• Your instructions: The answer must be every line of the records below that contains the word "CPOL".

• Records for this task:
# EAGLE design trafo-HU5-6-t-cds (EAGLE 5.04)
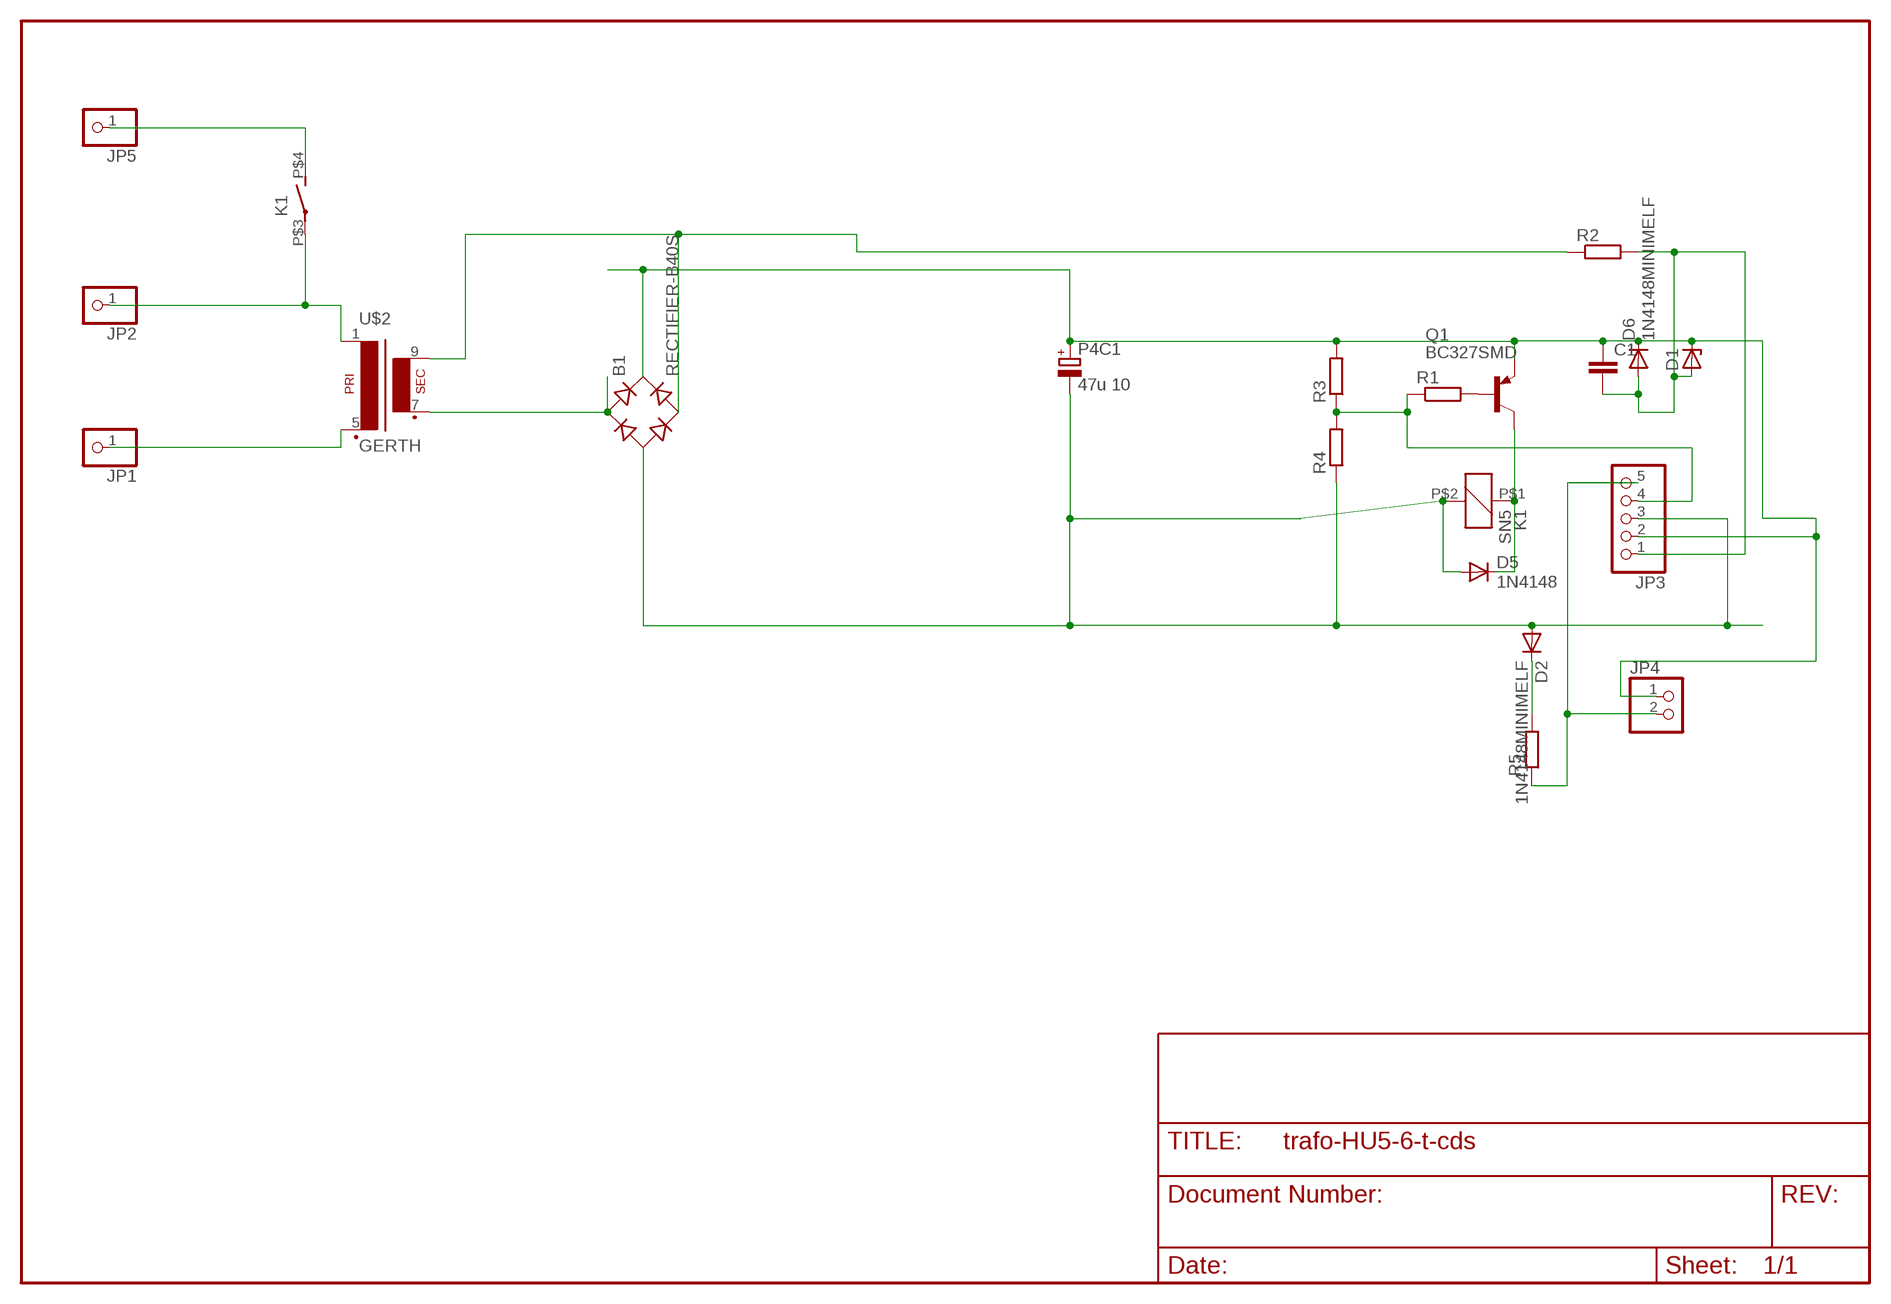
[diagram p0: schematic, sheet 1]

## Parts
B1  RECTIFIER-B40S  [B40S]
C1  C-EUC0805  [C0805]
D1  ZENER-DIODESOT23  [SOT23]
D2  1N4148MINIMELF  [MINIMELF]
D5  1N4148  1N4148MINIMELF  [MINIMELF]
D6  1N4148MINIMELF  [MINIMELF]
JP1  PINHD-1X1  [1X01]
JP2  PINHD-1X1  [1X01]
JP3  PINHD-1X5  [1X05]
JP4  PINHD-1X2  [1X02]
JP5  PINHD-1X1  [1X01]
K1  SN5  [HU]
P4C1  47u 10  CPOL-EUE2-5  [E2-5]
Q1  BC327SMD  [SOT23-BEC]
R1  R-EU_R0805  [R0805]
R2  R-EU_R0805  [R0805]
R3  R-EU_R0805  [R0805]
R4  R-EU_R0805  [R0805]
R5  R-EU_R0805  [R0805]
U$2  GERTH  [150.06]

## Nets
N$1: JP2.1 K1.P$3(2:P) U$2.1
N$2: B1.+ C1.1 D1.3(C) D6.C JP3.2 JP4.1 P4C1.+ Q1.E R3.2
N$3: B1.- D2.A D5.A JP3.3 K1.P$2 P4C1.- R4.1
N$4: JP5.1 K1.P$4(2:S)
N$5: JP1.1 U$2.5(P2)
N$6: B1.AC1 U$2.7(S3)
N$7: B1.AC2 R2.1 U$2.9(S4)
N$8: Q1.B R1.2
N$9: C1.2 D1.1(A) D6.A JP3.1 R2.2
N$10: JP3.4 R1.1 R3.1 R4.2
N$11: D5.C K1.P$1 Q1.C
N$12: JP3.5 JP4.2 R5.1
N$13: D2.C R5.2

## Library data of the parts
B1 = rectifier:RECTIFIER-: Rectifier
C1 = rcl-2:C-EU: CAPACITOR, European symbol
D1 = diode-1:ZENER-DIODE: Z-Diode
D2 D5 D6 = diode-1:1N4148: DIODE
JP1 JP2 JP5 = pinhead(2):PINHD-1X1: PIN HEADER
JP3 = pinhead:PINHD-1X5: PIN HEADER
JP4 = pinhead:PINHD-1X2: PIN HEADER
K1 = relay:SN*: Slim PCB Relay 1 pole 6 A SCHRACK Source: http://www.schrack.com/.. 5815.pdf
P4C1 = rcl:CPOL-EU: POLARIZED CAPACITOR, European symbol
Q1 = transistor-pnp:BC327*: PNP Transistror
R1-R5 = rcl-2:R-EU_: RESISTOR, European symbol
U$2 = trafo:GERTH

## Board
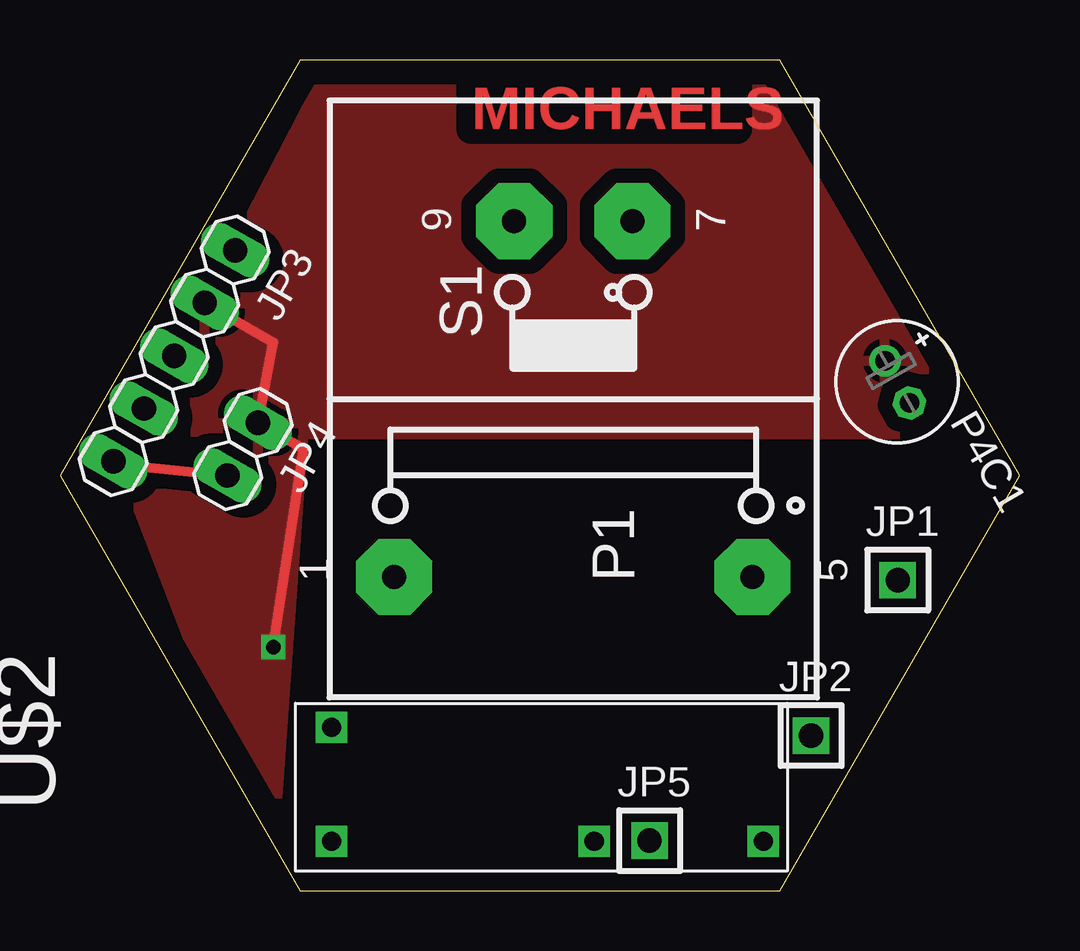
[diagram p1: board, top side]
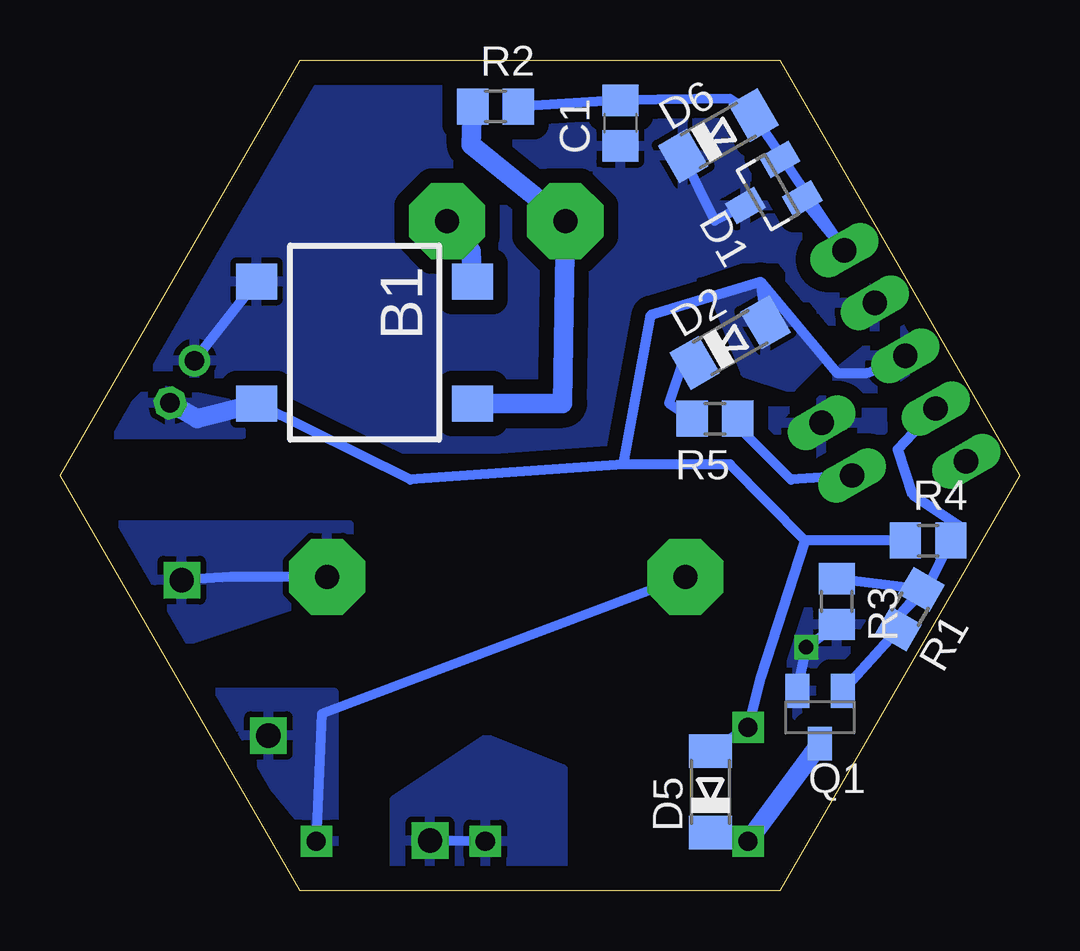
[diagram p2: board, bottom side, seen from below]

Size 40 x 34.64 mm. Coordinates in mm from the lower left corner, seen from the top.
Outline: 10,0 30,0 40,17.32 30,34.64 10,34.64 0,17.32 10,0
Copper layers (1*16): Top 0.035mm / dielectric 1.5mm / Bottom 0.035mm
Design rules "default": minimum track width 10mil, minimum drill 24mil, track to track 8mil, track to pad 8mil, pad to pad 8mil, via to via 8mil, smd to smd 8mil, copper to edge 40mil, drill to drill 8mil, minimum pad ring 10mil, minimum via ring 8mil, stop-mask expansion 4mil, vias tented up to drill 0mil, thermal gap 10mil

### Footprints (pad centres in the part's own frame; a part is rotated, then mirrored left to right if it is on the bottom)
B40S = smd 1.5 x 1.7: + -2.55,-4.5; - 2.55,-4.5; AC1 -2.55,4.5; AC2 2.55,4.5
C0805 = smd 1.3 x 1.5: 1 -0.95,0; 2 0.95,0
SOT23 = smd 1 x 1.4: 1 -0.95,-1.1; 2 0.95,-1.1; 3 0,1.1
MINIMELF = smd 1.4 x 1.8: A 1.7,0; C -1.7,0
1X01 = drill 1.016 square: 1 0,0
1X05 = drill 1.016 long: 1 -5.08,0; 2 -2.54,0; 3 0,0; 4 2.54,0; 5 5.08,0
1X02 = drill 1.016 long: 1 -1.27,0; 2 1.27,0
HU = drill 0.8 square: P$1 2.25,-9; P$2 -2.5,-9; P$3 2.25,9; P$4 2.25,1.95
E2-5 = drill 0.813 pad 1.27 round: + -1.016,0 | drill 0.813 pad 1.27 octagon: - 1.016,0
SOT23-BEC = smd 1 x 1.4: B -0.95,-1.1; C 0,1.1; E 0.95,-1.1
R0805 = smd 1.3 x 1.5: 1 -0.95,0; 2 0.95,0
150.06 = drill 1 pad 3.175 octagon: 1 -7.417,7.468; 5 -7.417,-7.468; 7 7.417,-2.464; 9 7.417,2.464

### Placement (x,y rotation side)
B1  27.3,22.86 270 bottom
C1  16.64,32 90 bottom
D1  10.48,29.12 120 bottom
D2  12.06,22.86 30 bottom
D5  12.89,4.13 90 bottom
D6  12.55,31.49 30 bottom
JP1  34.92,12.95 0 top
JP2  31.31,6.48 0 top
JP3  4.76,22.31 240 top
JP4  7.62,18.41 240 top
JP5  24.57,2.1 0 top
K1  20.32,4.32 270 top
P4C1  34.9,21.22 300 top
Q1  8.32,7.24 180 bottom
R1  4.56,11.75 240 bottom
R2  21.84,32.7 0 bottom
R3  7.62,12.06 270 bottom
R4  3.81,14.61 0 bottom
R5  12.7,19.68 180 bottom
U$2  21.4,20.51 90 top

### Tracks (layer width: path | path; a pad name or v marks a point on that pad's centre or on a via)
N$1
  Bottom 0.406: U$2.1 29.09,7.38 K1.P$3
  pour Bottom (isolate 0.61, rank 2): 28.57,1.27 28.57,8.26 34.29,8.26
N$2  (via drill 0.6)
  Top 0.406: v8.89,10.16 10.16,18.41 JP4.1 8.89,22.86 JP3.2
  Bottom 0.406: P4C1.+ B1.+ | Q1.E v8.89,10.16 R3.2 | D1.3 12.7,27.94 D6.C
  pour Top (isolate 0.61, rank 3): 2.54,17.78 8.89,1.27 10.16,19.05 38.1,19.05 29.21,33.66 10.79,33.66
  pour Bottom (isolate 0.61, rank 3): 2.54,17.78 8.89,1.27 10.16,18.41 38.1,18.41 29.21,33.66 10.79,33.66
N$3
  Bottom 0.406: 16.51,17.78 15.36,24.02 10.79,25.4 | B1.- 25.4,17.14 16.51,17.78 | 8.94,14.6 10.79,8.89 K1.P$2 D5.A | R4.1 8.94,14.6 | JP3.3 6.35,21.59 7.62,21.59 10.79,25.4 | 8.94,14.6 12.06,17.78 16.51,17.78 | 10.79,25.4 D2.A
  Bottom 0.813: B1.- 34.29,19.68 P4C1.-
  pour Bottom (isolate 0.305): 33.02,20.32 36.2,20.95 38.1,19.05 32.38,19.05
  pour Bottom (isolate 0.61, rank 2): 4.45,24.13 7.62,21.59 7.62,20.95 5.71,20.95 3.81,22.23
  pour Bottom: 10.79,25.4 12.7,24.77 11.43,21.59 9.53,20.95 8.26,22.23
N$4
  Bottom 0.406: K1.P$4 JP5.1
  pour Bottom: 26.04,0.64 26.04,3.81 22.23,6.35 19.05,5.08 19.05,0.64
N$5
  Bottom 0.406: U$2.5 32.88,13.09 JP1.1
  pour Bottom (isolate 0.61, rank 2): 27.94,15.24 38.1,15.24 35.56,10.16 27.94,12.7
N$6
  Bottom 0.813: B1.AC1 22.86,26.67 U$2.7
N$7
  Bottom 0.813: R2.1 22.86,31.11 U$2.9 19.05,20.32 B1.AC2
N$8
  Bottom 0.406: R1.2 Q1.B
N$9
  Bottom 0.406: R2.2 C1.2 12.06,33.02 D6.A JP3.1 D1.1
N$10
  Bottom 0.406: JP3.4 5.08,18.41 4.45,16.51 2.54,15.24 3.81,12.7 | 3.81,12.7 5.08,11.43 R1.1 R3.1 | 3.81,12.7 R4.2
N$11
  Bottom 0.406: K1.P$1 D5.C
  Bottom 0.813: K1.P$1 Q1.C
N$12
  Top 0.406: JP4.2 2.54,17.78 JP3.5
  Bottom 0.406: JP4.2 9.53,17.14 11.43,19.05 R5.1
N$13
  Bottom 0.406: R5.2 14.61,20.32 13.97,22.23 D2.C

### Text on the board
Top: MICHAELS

• Response below:
P4C1  47u 10  CPOL-EUE2-5  [E2-5]
P4C1 = rcl:CPOL-EU: POLARIZED CAPACITOR, European symbol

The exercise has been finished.